This is a question is occasionally asked by students and here is the answer.
We are not religious. This choice is not dogmatic. We do both research in programming languages and tool support for software evolution. In both cases Smalltalk is handy:
- Programming language — Smalltalk is extermely uniform. Experimenting with a language change is faster in Smalltak, than say, Java or Ruby. Their syntax and sets of rules are bigger, which implies more work.
- Tool Support — If you want to extend the environment with more browsers/views/features, you can do it easily. Also, tool support and meta-programming go well together. You don’t have a separation between application code and environment code. This makes the whole system very malleable to experiement with.

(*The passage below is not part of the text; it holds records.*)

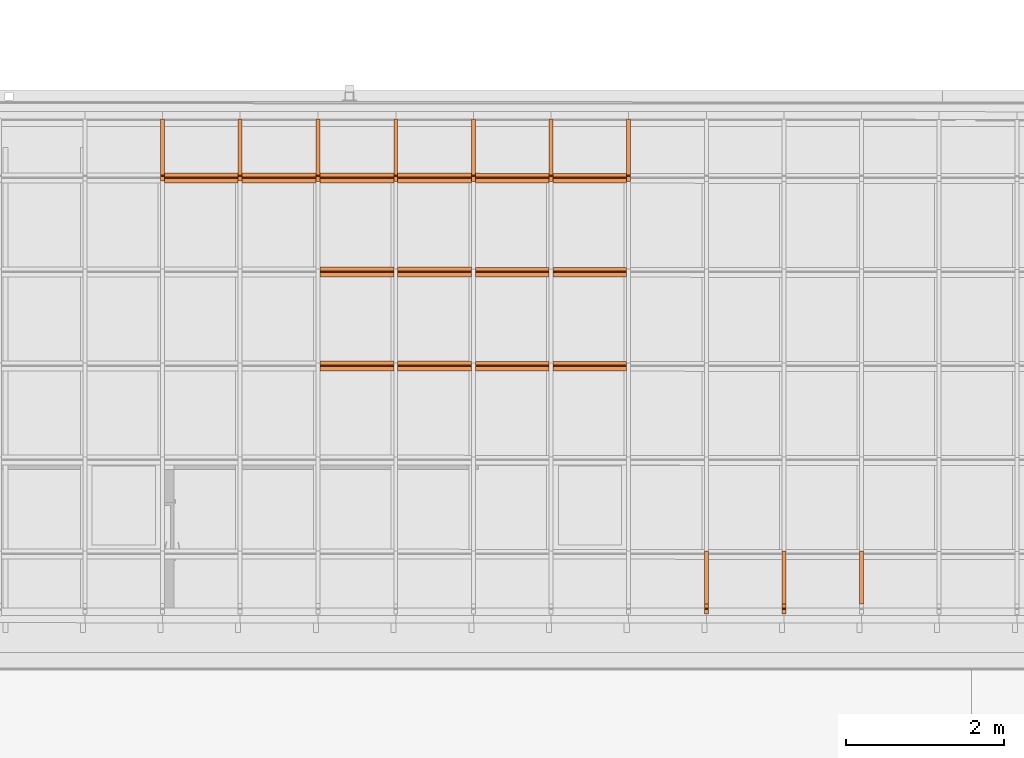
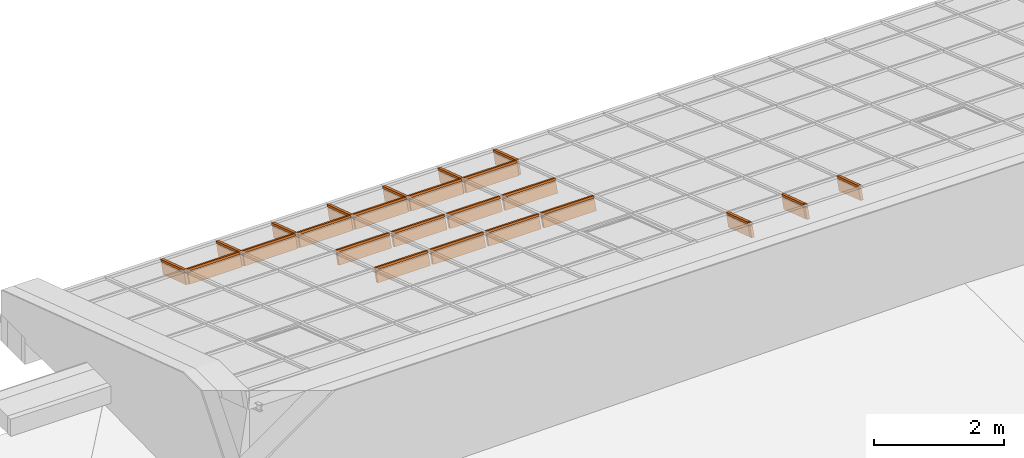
# One storey, part 42 of 47: 26 proxies, 1 element without a shape of its own.
"""IFC2X3 building model written with IfcOpenShell, lengths in millimetres."""

import ifcopenshell
import ifcopenshell.guid

model = None  # the IFC model being written
_history = None  # IfcOwnerHistory: only IFC2X3 demands one
_inside = {}  # id of a spatial element -> (the spatial element, [elements in it])
_under = {}  # id of a project, library or spatial element -> (it, [spatial elements below it])
_declared = {}  # id of a project -> (the project, [libraries it declares])
_typed = {}  # id of a type object -> (the type object, [elements of that type])
_made_of = {}  # id of a material, layer set ... -> (it, [elements and type objects made of it])


def new_model(schema):
    """Start an empty IFC model of exactly this schema.

    Asked for "IFC4X3", IfcOpenShell would pick the latest addendum, in which some entities
    have other attributes; the version numbers below select the first issue.
    IFC2X3 requires an IfcOwnerHistory on every rooted entity: one is made here for all.
    """
    global model, _history
    if schema == "IFC4X3":
        model = ifcopenshell.file(schema_version=(4, 3, 0, 0))
    else:
        model = ifcopenshell.file(schema=schema)
    _inside.clear()
    _under.clear()
    _declared.clear()
    _typed.clear()
    _made_of.clear()
    _history = None
    if model.schema == "IFC2X3":
        org = make("IfcOrganization", Name="unknown")
        user = make(
            "IfcPersonAndOrganization",
            ThePerson=make("IfcPerson", FamilyName="unknown"),
            TheOrganization=org,
        )
        app = make(
            "IfcApplication",
            ApplicationDeveloper=org,
            Version="unknown",
            ApplicationFullName="unknown",
            ApplicationIdentifier="unknown",
        )
        _history = make(
            "IfcOwnerHistory",
            OwningUser=user,
            OwningApplication=app,
            ChangeAction="ADDED",
            CreationDate=0,
        )
    return model


def make(cls, **values):
    """One entity of the class cls with the attributes given. An attribute that is None is left unset."""
    return model.create_entity(
        cls, **{name: value for name, value in values.items() if value is not None}
    )


def entity(cls, *values):
    """Any entity or typed value of the class cls, its attributes in the order of the schema. None: left unset."""
    e = model.create_entity(cls)
    for i, value in enumerate(values):
        if value is not None:
            e[i] = value
    return e


def rooted(cls, **values):
    """An entity with a GlobalId (a new one), such as an element, a storey or a relation."""
    return make(cls, GlobalId=ifcopenshell.guid.new(), OwnerHistory=_history, **values)


def si_unit(unit_type, name, prefix=None):
    """IfcSIUnit, for example si_unit("LENGTHUNIT", "METRE", prefix="MILLI")."""
    return make("IfcSIUnit", UnitType=unit_type, Prefix=prefix, Name=name)


def converted_unit(unit_type, name, factor, base, dimensions=None, offset=None):
    """IfcConversionBasedUnit, such as the inch: factor (a typed value) times the base unit."""
    return make(
        "IfcConversionBasedUnit"
        if offset is None
        else "IfcConversionBasedUnitWithOffset",
        ConversionOffset=offset,
        Dimensions=None
        if dimensions is None
        else entity("IfcDimensionalExponents", *dimensions),
        UnitType=unit_type,
        Name=name,
        ConversionFactor=make(
            "IfcMeasureWithUnit", ValueComponent=factor, UnitComponent=base
        ),
    )


def derived_unit(unit_type, elements):
    """IfcDerivedUnit: a product of units, each with its exponent."""
    return make(
        "IfcDerivedUnit",
        Elements=[
            make("IfcDerivedUnitElement", Unit=unit, Exponent=power)
            for unit, power in elements
        ],
        UnitType=unit_type,
    )


def money_unit(currency):
    """IfcMonetaryUnit."""
    return make("IfcMonetaryUnit", Currency=currency)


def assignment(units):
    """IfcUnitAssignment: the units of a project."""
    return None if units is None else make("IfcUnitAssignment", Units=units)


def point(xyz):
    """IfcCartesianPoint."""
    return None if xyz is None else make("IfcCartesianPoint", Coordinates=xyz)


def direction(xyz):
    """IfcDirection."""
    return None if xyz is None else make("IfcDirection", DirectionRatios=xyz)


def frame(location, z_axis=None, x_axis=None):
    """IfcAxis2Placement3D, a coordinate frame: its origin and axes. An axis left out is left unset."""
    return make(
        "IfcAxis2Placement3D",
        Location=point(location),
        Axis=direction(z_axis),
        RefDirection=direction(x_axis),
    )


def origin_with_axes():
    """The frame at (0, 0, 0) with the z axis (0, 0, 1) and the x axis (1, 0, 0) written out."""
    return frame((0.0, 0.0, 0.0), z_axis=(0.0, 0.0, 1.0), x_axis=(1.0, 0.0, 0.0))


def place(relative_to, where):
    """IfcLocalPlacement: puts the frame where relative to a parent placement (None: the world)."""
    return make(
        "IfcLocalPlacement", PlacementRelTo=relative_to, RelativePlacement=where
    )


def context(
    kind, dimensions, precision=None, world=None, true_north=None, identifier=None
):
    """IfcGeometricRepresentationContext, for example the 3D "Model" context."""
    return make(
        "IfcGeometricRepresentationContext",
        ContextIdentifier=identifier,
        ContextType=kind,
        CoordinateSpaceDimension=dimensions,
        Precision=precision,
        WorldCoordinateSystem=world,
        TrueNorth=true_north,
    )


def subcontext(parent, identifier, kind, view, scale=None):
    """IfcGeometricRepresentationSubContext, for example "Body" below "Model"."""
    return make(
        "IfcGeometricRepresentationSubContext",
        ContextIdentifier=identifier,
        ContextType=kind,
        ParentContext=parent,
        TargetScale=scale,
        TargetView=view,
    )


def project(units=None, contexts=None):
    """IfcProject with its units and contexts."""
    return rooted(
        "IfcProject",
        Name="project",
        RepresentationContexts=contexts,
        UnitsInContext=assignment(units),
    )


def spatial(cls, under=None, at=None, **own):
    """A site, building, storey or space (cls), placed at a placement, below another one or the project."""
    s = rooted(cls, ObjectPlacement=at, **own)
    if under is not None:
        _under.setdefault(under.id(), (under, []))[1].append(s)
    return s


def polyline(points):
    """IfcPolyline through the points."""
    return make("IfcPolyline", Points=[point(p) for p in points])


def outline(outer, holes=None, kind="AREA"):
    """IfcArbitraryClosedProfileDef: a profile drawn as a closed curve; with holes, ...WithVoids."""
    if holes is None:
        return make("IfcArbitraryClosedProfileDef", ProfileType=kind, OuterCurve=outer)
    return make(
        "IfcArbitraryProfileDefWithVoids",
        ProfileType=kind,
        OuterCurve=outer,
        InnerCurves=holes,
    )


def extrude(swept, where, along, depth):
    """IfcExtrudedAreaSolid: the profile swept, set in the frame where, extruded along a direction by depth."""
    return make(
        "IfcExtrudedAreaSolid",
        SweptArea=swept,
        Position=where,
        ExtrudedDirection=direction(along),
        Depth=depth,
    )


def shape(context_of_items, identifier, shape_type, items):
    """IfcShapeRepresentation: the items that make up one representation, for example the "Body"."""
    return make(
        "IfcShapeRepresentation",
        ContextOfItems=context_of_items,
        RepresentationIdentifier=identifier,
        RepresentationType=shape_type,
        Items=items,
    )


def material(Name=None, Category=None):
    """IfcMaterial."""
    return make("IfcMaterial", Name=Name, Category=Category)


def material_list(materials):
    """IfcMaterialList."""
    return make("IfcMaterialList", Materials=materials)


def made_of(thing, what):
    """Note that an element or type object is made of a material, layer set ...; save() writes the relation."""
    if what is not None:
        _made_of.setdefault(what.id(), (what, []))[1].append(thing)
    return thing


def type_object(cls, material=None, **own):
    """A type object (cls), such as IfcWallType, which elements share."""
    return made_of(rooted(cls, **own), material)


def element(
    cls,
    number,
    at=None,
    inside=None,
    cuts=None,
    type_object=None,
    material=None,
    context=None,
    identifier="Body",
    shape_type=None,
    held_by="IfcProductDefinitionShape",
    body=None,
    shapes=None,
    **own,
):
    """One element of the class cls, such as IfcWall. Its Tag is "e" and its number.

    at: its placement. inside: the storey or other place that contains it. cuts: it is an
    opening in that element (IfcRelVoidsElement). A single representation is given by context,
    identifier, shape_type and body (its items); several are given by shapes. held_by: the class
    of the entity that holds the representations. save() writes the other relations.
    """
    e = rooted(cls, Tag="e%d" % number, ObjectPlacement=at, **own)
    if body is not None:
        shapes = [shape(context, identifier, shape_type, body)]
    if shapes is not None:
        e.Representation = make(held_by, Representations=shapes)
    if inside is not None:
        _inside.setdefault(inside.id(), (inside, []))[1].append(e)
    if cuts is not None:
        rooted(
            "IfcRelVoidsElement", RelatingBuildingElement=cuts, RelatedOpeningElement=e
        )
    if type_object is not None:
        _typed.setdefault(type_object.id(), (type_object, []))[1].append(e)
    return made_of(e, material)


def aggregate(whole, parts):
    """IfcRelAggregates: a whole, such as a stair, and the parts it consists of."""
    return rooted("IfcRelAggregates", RelatingObject=whole, RelatedObjects=parts)


def save(model, path):
    """Write the relations noted so far, then the file.

    IfcRelAggregates (storeys below a building ...), IfcRelContainedInSpatialStructure (elements
    in a storey), IfcRelDefinesByType, IfcRelAssociatesMaterial and IfcRelDeclares: one each for
    every whole, place, type object, material and project.
    """
    for whole, parts in _under.values():
        aggregate(whole, parts)
    for where, things in _inside.values():
        rooted(
            "IfcRelContainedInSpatialStructure",
            RelatedElements=things,
            RelatingStructure=where,
        )
    for kind, things in _typed.values():
        rooted("IfcRelDefinesByType", RelatedObjects=things, RelatingType=kind)
    for what, things in _made_of.values():
        rooted("IfcRelAssociatesMaterial", RelatedObjects=things, RelatingMaterial=what)
    for by, libraries in _declared.values():
        rooted("IfcRelDeclares", RelatingContext=by, RelatedDefinitions=libraries)
    model.write(path)


model = new_model("IFC2X3")

# Units and contexts
model_context = context("Model", 3, precision=1e-05, world=origin_with_axes(), true_north=direction((0.0, 1.0)))
body_context = subcontext(model_context, "Body", "Model", "MODEL_VIEW")
ifc_project = project(units=[si_unit("LENGTHUNIT", "METRE", prefix="MILLI"), si_unit("AREAUNIT", "SQUARE_METRE"), si_unit("VOLUMEUNIT", "CUBIC_METRE"), converted_unit("PLANEANGLEUNIT", "DEGREE", entity("IfcPlaneAngleMeasure", 0.0174532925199), si_unit("PLANEANGLEUNIT", "RADIAN"), dimensions=[0, 0, 0, 0, 0, 0, 0]), si_unit("SOLIDANGLEUNIT", "STERADIAN"), money_unit("EUR"), converted_unit("TIMEUNIT", "Year", entity("IfcTimeMeasure", 31556926.0), si_unit("TIMEUNIT", "SECOND"), dimensions=[0, 0, 1, 0, 0, 0, 0]), si_unit("MASSUNIT", "GRAM", prefix="KILO"), si_unit("THERMODYNAMICTEMPERATUREUNIT", "DEGREE_CELSIUS"), si_unit("LUMINOUSINTENSITYUNIT", "LUMEN"), si_unit("ENERGYUNIT", "JOULE", prefix="MEGA"), derived_unit("THERMALCONDUCTANCEUNIT", [(si_unit("POWERUNIT", "WATT"), 1), (si_unit("LENGTHUNIT", "METRE"), -1), (si_unit("THERMODYNAMICTEMPERATUREUNIT", "KELVIN"), -1)]), derived_unit("SPECIFICHEATCAPACITYUNIT", [(si_unit("ENERGYUNIT", "JOULE"), 1), (si_unit("MASSUNIT", "GRAM", prefix="KILO"), -1), (si_unit("THERMODYNAMICTEMPERATUREUNIT", "KELVIN"), -1)]), derived_unit("MASSDENSITYUNIT", [(si_unit("MASSUNIT", "GRAM", prefix="KILO"), 1), (si_unit("VOLUMEUNIT", "CUBIC_METRE"), -1)])], contexts=[model_context])

# Site, building, storey
site_placement = place(None, origin_with_axes())
site = spatial("IfcSite", under=ifc_project, at=site_placement, Name="Site", CompositionType="ELEMENT")
building_placement = place(site_placement, origin_with_axes())
building = spatial("IfcBuilding", under=site, at=building_placement, Name="Building", CompositionType="ELEMENT")
storey_placement = place(building_placement, frame((0.0, 0.0, 6000.0), z_axis=(0.0, 0.0, 1.0), x_axis=(1.0, 0.0, 0.0)))
storey = spatial("IfcBuildingStorey", under=building, at=storey_placement, Name="KATUSEPLAAN", CompositionType="ELEMENT", Elevation=6000.0)

# Curtain wall, proxies
curtain_wall_type = type_object("IfcCurtainWallType", Name="KK-2", PredefinedType="NOTDEFINED")
curtain_wall_placement = place(storey_placement, frame((71638.1505463, 41358.6055567, 722.550081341), z_axis=(0.0, 0.0, 1.0), x_axis=(1.0, 0.0, 0.0)))
curtain_wall = element("IfcCurtainWall", 1, at=curtain_wall_placement, inside=storey, type_object=curtain_wall_type, Name="Talveaja klaaskatus")
ifc_material = material(Name="Alumiinium (1)")
ifc_material_list = material_list([ifc_material, ifc_material])
building_element_proxy_type_1 = type_object("IfcBuildingElementProxyType", Name="Frame-Mll-195", PredefinedType="NOTDEFINED")
proxy_1_placement = place(curtain_wall_placement, frame((-5398.99771195, 5983.34369979, 18.8832315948), z_axis=(0.0, -0.950019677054, 0.312190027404), x_axis=(-0.999999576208, 0.000287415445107, 0.00087462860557)))
proxy_1 = element("IfcBuildingElementProxy", 2, at=proxy_1_placement, type_object=building_element_proxy_type_1, material=ifc_material_list, Name="Alumiinium (1);  Objekti nimi: Frame 22", context=body_context, shape_type="SweptSolid", body=[
    extrude(outline(polyline([(25.0091958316, 9.97697969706), (25.1841179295, 199.976899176), (-24.8158608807, 200.022931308), (-24.9907829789, 10.0230118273), (25.0091958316, 9.97697969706)])), frame((1.13686837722e-10, 4.54747350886e-10, 49.9999999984), z_axis=(0.0, 0.0, 1.0), x_axis=(0.999999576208, 0.00092064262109, 0.0)), (0.0, 0.0, 1.0), 744.739022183),
    extrude(outline(polyline([(-25.0091958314, -9.9769796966), (-25.0460215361, -49.9769627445), (24.9539572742, -50.0229948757), (24.9907829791, -10.0230118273), (-25.0091958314, -9.9769796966)])), frame((1.13686837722e-10, 0.0, 49.9999999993), z_axis=(0.0, 0.0, 1.0), x_axis=(0.999999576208, 0.00092064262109, 0.0)), (0.0, 0.0, 1.0), 744.739022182),
])
building_element_proxy_type_2 = type_object("IfcBuildingElementProxyType", Name="Frame-Mll-196", PredefinedType="NOTDEFINED")
proxy_2_placement = place(curtain_wall_placement, frame((-4418.99812727, 5983.06203266, 18.0260955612), z_axis=(0.0, -0.950019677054, 0.312190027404), x_axis=(-0.999999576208, 0.000287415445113, 0.000874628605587)))
proxy_2 = element("IfcBuildingElementProxy", 3, at=proxy_2_placement, type_object=building_element_proxy_type_2, material=ifc_material_list, Name="Alumiinium (1);  Objekti nimi: Frame 22", context=body_context, shape_type="SweptSolid", body=[
    extrude(outline(polyline([(25.0091958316, 9.97697969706), (25.1841179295, 199.976899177), (-24.8158608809, 200.022931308), (-24.9907829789, 10.0230118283), (25.0091958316, 9.97697969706)])), frame((1.13686837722e-10, 0.0, 50.0000000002), z_axis=(0.0, 0.0, 1.0), x_axis=(0.999999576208, 0.000920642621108, 0.0)), (0.0, 0.0, 1.0), 744.739022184),
    extrude(outline(polyline([(-25.0091958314, -9.97697969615), (-25.0460215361, -49.9769627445), (24.9539572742, -50.0229948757), (24.9907829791, -10.0230118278), (-25.0091958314, -9.97697969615)])), frame((1.13686837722e-10, 0.0, 50.0000000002), z_axis=(0.0, 0.0, 1.0), x_axis=(0.999999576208, 0.000920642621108, 0.0)), (0.0, 0.0, 1.0), 744.739022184),
])
building_element_proxy_type_3 = type_object("IfcBuildingElementProxyType", Name="Frame-Mll-197", PredefinedType="NOTDEFINED")
proxy_3_placement = place(curtain_wall_placement, frame((-3435.99854385, 5982.77950327, 17.166335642), z_axis=(0.0, -0.950019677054, 0.312190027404), x_axis=(-0.999999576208, 0.000287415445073, 0.000874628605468)))
proxy_3 = element("IfcBuildingElementProxy", 4, at=proxy_3_placement, type_object=building_element_proxy_type_3, material=ifc_material_list, Name="Alumiinium (1);  Objekti nimi: Frame 22", context=body_context, shape_type="SweptSolid", body=[
    extrude(outline(polyline([(25.0091958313, 9.97697969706), (25.1841179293, 199.976899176), (-24.8158608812, 200.022931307), (-24.990782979, 10.0230118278), (25.0091958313, 9.97697969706)])), frame((-1.13686837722e-10, 0.0, 49.9999999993), z_axis=(0.0, 0.0, 1.0), x_axis=(0.999999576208, 0.000920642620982, 0.0)), (0.0, 0.0, 1.0), 744.739022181),
    extrude(outline(polyline([(-25.0091958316, -9.9769796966), (-25.0460215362, -49.976962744), (24.9539572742, -50.0229948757), (24.990782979, -10.0230118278), (-25.0091958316, -9.9769796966)])), frame((-1.13686837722e-10, 4.54747350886e-10, 49.9999999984), z_axis=(0.0, 0.0, 1.0), x_axis=(0.999999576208, 0.000920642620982, 0.0)), (0.0, 0.0, 1.0), 744.739022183),
])
building_element_proxy_type_4 = type_object("IfcBuildingElementProxyType", Name="Frame-Mll-198", PredefinedType="NOTDEFINED")
proxy_4_placement = place(curtain_wall_placement, frame((-2452.99896044, 5982.49697389, 16.3065757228), z_axis=(0.0, -0.950019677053, 0.312190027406), x_axis=(-0.999999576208, 0.000287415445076, 0.000874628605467)))
proxy_4 = element("IfcBuildingElementProxy", 5, at=proxy_4_placement, type_object=building_element_proxy_type_4, material=ifc_material_list, Name="Alumiinium (1);  Objekti nimi: Frame 22", context=body_context, shape_type="SweptSolid", body=[
    extrude(outline(polyline([(25.0091958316, 9.97697969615), (25.1841179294, 199.976899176), (-24.8158608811, 200.022931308), (-24.9907829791, 10.0230118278), (25.0091958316, 9.97697969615)])), frame((0.0, 4.54747350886e-10, 49.9999999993), z_axis=(0.0, 0.0, 1.0), x_axis=(0.999999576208, 0.000920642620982, 0.0)), (0.0, 0.0, 1.0), 744.739022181),
    extrude(outline(polyline([(-25.0091958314, -9.97697969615), (-25.0460215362, -49.9769627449), (24.9539572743, -50.0229948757), (24.990782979, -10.0230118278), (-25.0091958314, -9.97697969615)])), frame((0.0, 0.0, 49.9999999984), z_axis=(0.0, 0.0, 1.0), x_axis=(0.999999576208, 0.000920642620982, 0.0)), (0.0, 0.0, 1.0), 744.739022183),
])
building_element_proxy_type_5 = type_object("IfcBuildingElementProxyType", Name="Frame-Mll-199", PredefinedType="NOTDEFINED")
proxy_5_placement = place(curtain_wall_placement, frame((-1469.99937703, 5982.21444451, 15.4468158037), z_axis=(0.0, -0.950019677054, 0.312190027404), x_axis=(-0.999999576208, 0.000287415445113, 0.000874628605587)))
proxy_5 = element("IfcBuildingElementProxy", 6, at=proxy_5_placement, type_object=building_element_proxy_type_5, material=ifc_material_list, Name="Alumiinium (1);  Objekti nimi: Frame 22", context=body_context, shape_type="SweptSolid", body=[
    extrude(outline(polyline([(25.0091958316, 9.97697969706), (25.1841179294, 199.976899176), (-24.8158608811, 200.022931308), (-24.9907829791, 10.0230118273), (25.0091958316, 9.97697969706)])), frame((0.0, 4.54747350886e-10, 50.0000000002), z_axis=(0.0, 0.0, 1.0), x_axis=(0.999999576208, 0.000920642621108, 0.0)), (0.0, 0.0, 1.0), 744.739022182),
    extrude(outline(polyline([(-25.0091958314, -9.9769796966), (-25.0460215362, -49.9769627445), (24.9539572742, -50.0229948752), (24.990782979, -10.0230118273), (-25.0091958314, -9.9769796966)])), frame((0.0, 0.0, 49.9999999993), z_axis=(0.0, 0.0, 1.0), x_axis=(0.999999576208, 0.000920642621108, 0.0)), (0.0, 0.0, 1.0), 744.739022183),
])
building_element_proxy_type_6 = type_object("IfcBuildingElementProxyType", Name="Frame-Mll-200", PredefinedType="NOTDEFINED")
proxy_6_placement = place(curtain_wall_placement, frame((-489.999792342, 5981.93277737, 14.5896797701), z_axis=(0.0, -0.950019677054, 0.312190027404), x_axis=(-0.999999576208, 0.000287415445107, 0.00087462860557)))
proxy_6 = element("IfcBuildingElementProxy", 7, at=proxy_6_placement, type_object=building_element_proxy_type_6, material=ifc_material_list, Name="Alumiinium (1);  Objekti nimi: Frame 22", context=body_context, shape_type="SweptSolid", body=[
    extrude(outline(polyline([(25.0091958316, 9.9769796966), (25.1841179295, 199.976899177), (-24.8158608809, 200.022931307), (-24.990782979, 10.0230118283), (25.0091958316, 9.9769796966)])), frame((1.13686837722e-10, -4.54747350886e-10, 49.9999999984), z_axis=(0.0, 0.0, 1.0), x_axis=(0.999999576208, 0.00092064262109, 0.0)), (0.0, 0.0, 1.0), 744.739022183),
    extrude(outline(polyline([(-25.0091958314, -9.97697969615), (-25.0460215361, -49.9769627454), (24.9539572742, -50.0229948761), (24.990782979, -10.0230118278), (-25.0091958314, -9.97697969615)])), frame((1.13686837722e-10, 0.0, 49.9999999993), z_axis=(0.0, 0.0, 1.0), x_axis=(0.999999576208, 0.00092064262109, 0.0)), (0.0, 0.0, 1.0), 744.739022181),
])
building_element_proxy_type_7 = type_object("IfcBuildingElementProxyType", Name="Frame-Mll-201", PredefinedType="NOTDEFINED")
proxy_7_placement = place(curtain_wall_placement, frame((489.999792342, 5981.65111024, 13.7325437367), z_axis=(0.0, -0.950019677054, 0.312190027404), x_axis=(-0.999999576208, 0.000287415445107, 0.00087462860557)))
proxy_7 = element("IfcBuildingElementProxy", 8, at=proxy_7_placement, type_object=building_element_proxy_type_7, material=ifc_material_list, Name="Alumiinium (1);  Objekti nimi: Frame 22", context=body_context, shape_type="SweptSolid", body=[
    extrude(outline(polyline([(25.0091958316, 9.97697969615), (25.1841179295, 199.976899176), (-24.8158608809, 200.022931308), (-24.9907829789, 10.0230118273), (25.0091958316, 9.97697969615)])), frame((1.13686837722e-10, 0.0, 50.0000000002), z_axis=(0.0, 0.0, 1.0), x_axis=(0.999999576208, 0.00092064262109, 0.0)), (0.0, 0.0, 1.0), 744.739022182),
    extrude(outline(polyline([(-25.0091958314, -9.9769796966), (-25.046021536, -49.9769627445), (24.9539572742, -50.0229948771), (24.9907829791, -10.0230118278), (-25.0091958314, -9.9769796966)])), frame((1.13686837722e-10, 0.0, 49.9999999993), z_axis=(0.0, 0.0, 1.0), x_axis=(0.999999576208, 0.00092064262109, 0.0)), (0.0, 0.0, 1.0), 744.739022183),
])
building_element_proxy_type_8 = type_object("IfcBuildingElementProxyType", Name="Frame-Trs-173", PredefinedType="NOTDEFINED")
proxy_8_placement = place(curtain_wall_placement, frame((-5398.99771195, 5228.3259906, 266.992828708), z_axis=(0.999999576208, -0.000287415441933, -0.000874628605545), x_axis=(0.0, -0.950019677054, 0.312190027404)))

There exist other research platforms out there to ease experimentations in either category. They don’t match however with the versatility of Smalltalk, which remains thus a very competitive choice to consider. Usually, we mature our project to Java or Eclipse only after initial success in Smalltalk.
Smalltalk Anthology
- Smalltalk 80: the Language and its Implementation, by Adele Goldberg
- Smalltalk-80: Bits of History, Words of Advice, by Glenn Krasner
- Design Principles Behind Smalltalk, by Daniel H. Ingalls
- The early history of Smalltalk, by Alan Kay
- Smalltalk Best Practice Patterns, by Kent Beck
- Smalltalk: a Reflective Language, by F. Rivard
- Back to the future: the story of Squeak, a practical Smalltalk written in itself, by Daniel H. Ingalls et al.